1行で表現される命令を「単純文」といい、複数行で表現される命令を「複合文」といいます。

Pythonにおける複合文は、キーワードを含みコロン(:)で終わる行(「ヘッダー」といいます。)と、その下のインデントされた部分(「スイート」といいます。)で構成されています。

ヘッダーとスイートを合わせて「節」と呼び、複合文は1つ以上の節を含みます。

ヘッダーがスイートを制御しており、ヘッダーに対するスイートのブロックはインデントによって指定されます。インデントは半角スペース4文字です。

# 単純文の例。
>> print('Hello world!')

# 複合文の例。
>>> for i in range(5):  # ヘッダー
...     print(i)  # スイート

# 「>>>」を「プライマリプロンプト」、「...」を「セカンダリプロンプト」といいます。

 

条件分岐

if文

「if文」を使用することで条件分岐(特定の条件に従って処理を行うこと。)を実行できます。if文は次のように定義します。

if文

if 条件式:
    処理ブロック

Pythonで処理ブロック(スイート)を要求する場合は、一行目の最後にコロン(:)を付け、インデント(半角スペース4文字)で処理ブロックの範囲を明示します。

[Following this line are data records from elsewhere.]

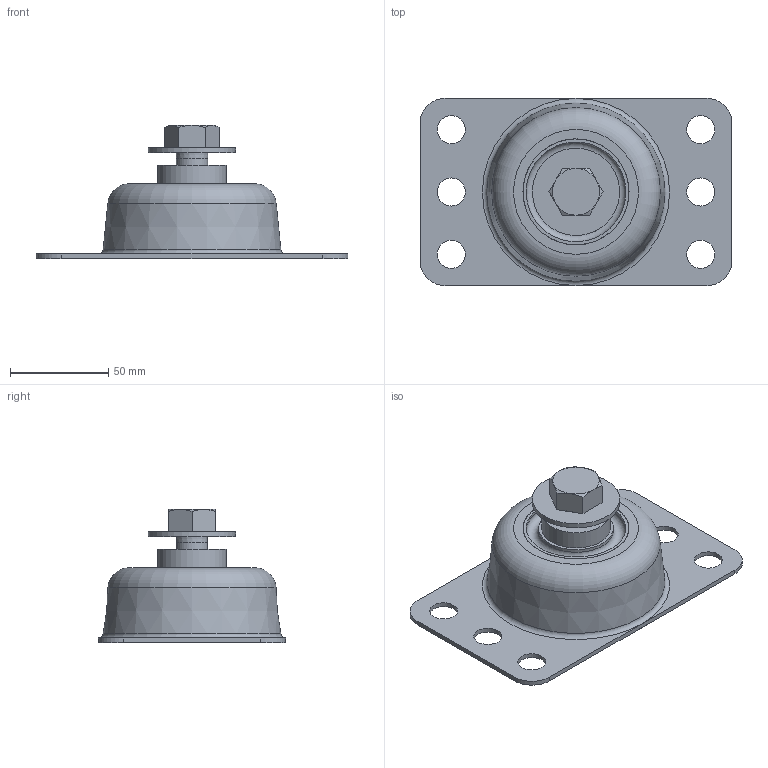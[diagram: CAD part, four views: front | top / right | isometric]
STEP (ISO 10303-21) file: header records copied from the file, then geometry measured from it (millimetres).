
FILE_DESCRIPTION(/* description */ (''),/* implementation_level */ '2;1');
FILE_NAME(/* name */ '\\Mleuckthor2\cad-proe_solids\WEBSITE FILES 05.22.13\STEP\RAA, RBA, RCA, RDA\RCA.stp',/* time_stamp */ '2016-01-15T16:39:54-05:00',/* author */ ('rramoutar'),/* organization */ ('Mason Industries Inc.'),/* preprocessor_version */ 'ST-DEVELOPER v15.6',/* originating_system */ 'Autodesk Inventor 2015',/* authorisation */ '');
FILE_SCHEMA (('CONFIG_CONTROL_DESIGN'));
Length unit declared in the file: inch
Products named in the file (1): A-21178 RCA MOUNT
Bounding box: 158.75 x 95.25 x 67.79 mm (x, y, z)
Volume: 237183.8 mm3; surface area: 93329.4 mm2
Topology: 6 solids, 6 shells, 96 faces, 194 edges, 117 vertices
Faces by surface type: plane 39, cylinder 25, cone 17, torus 15
Full cylindrical faces by diameter (mm): 14.287 x6, 15.875 x2, 16.662 x1, 22.225 x1, 23.825 x1, 34.925 x2, 36.512 x1, 38.1 x1, 41.275 x2, 44.45 x1, 50.8 x1, 53.975 x2
Entity records: 2387 total; most frequent: DIRECTION 418, CARTESIAN_POINT 377, ORIENTED_EDGE 286, AXIS2_PLACEMENT_3D 190, EDGE_LOOP 172, EDGE_CURVE 143, VERTEX_POINT 113, STYLED_ITEM 102

条件式には「ブール型(TrueかFalse)」、「比較演算子」、「論理演算子」を使います。条件式が「True」を返した時に処理ブロックが実行されます。

else文

If文の条件式が正しくない(False)時に実行する処理を「else文」で指定することができます。

if文

if 条件式:
    処理ブロック①
else:
    処理ブロック②

条件式が成り立たなかった時に処理ブロック②が実行されます。

elif文

「elif文」(elifはelse ifの略)を使用することで、複数の条件を設定できます。

if文

if 条件式①:
    処理ブロック①
elif 条件式②:
    処理ブロック②

条件式①が成り立つ時は処理ブロック①が、条件式②が成り立つ時は処理ブロック②が実行されます。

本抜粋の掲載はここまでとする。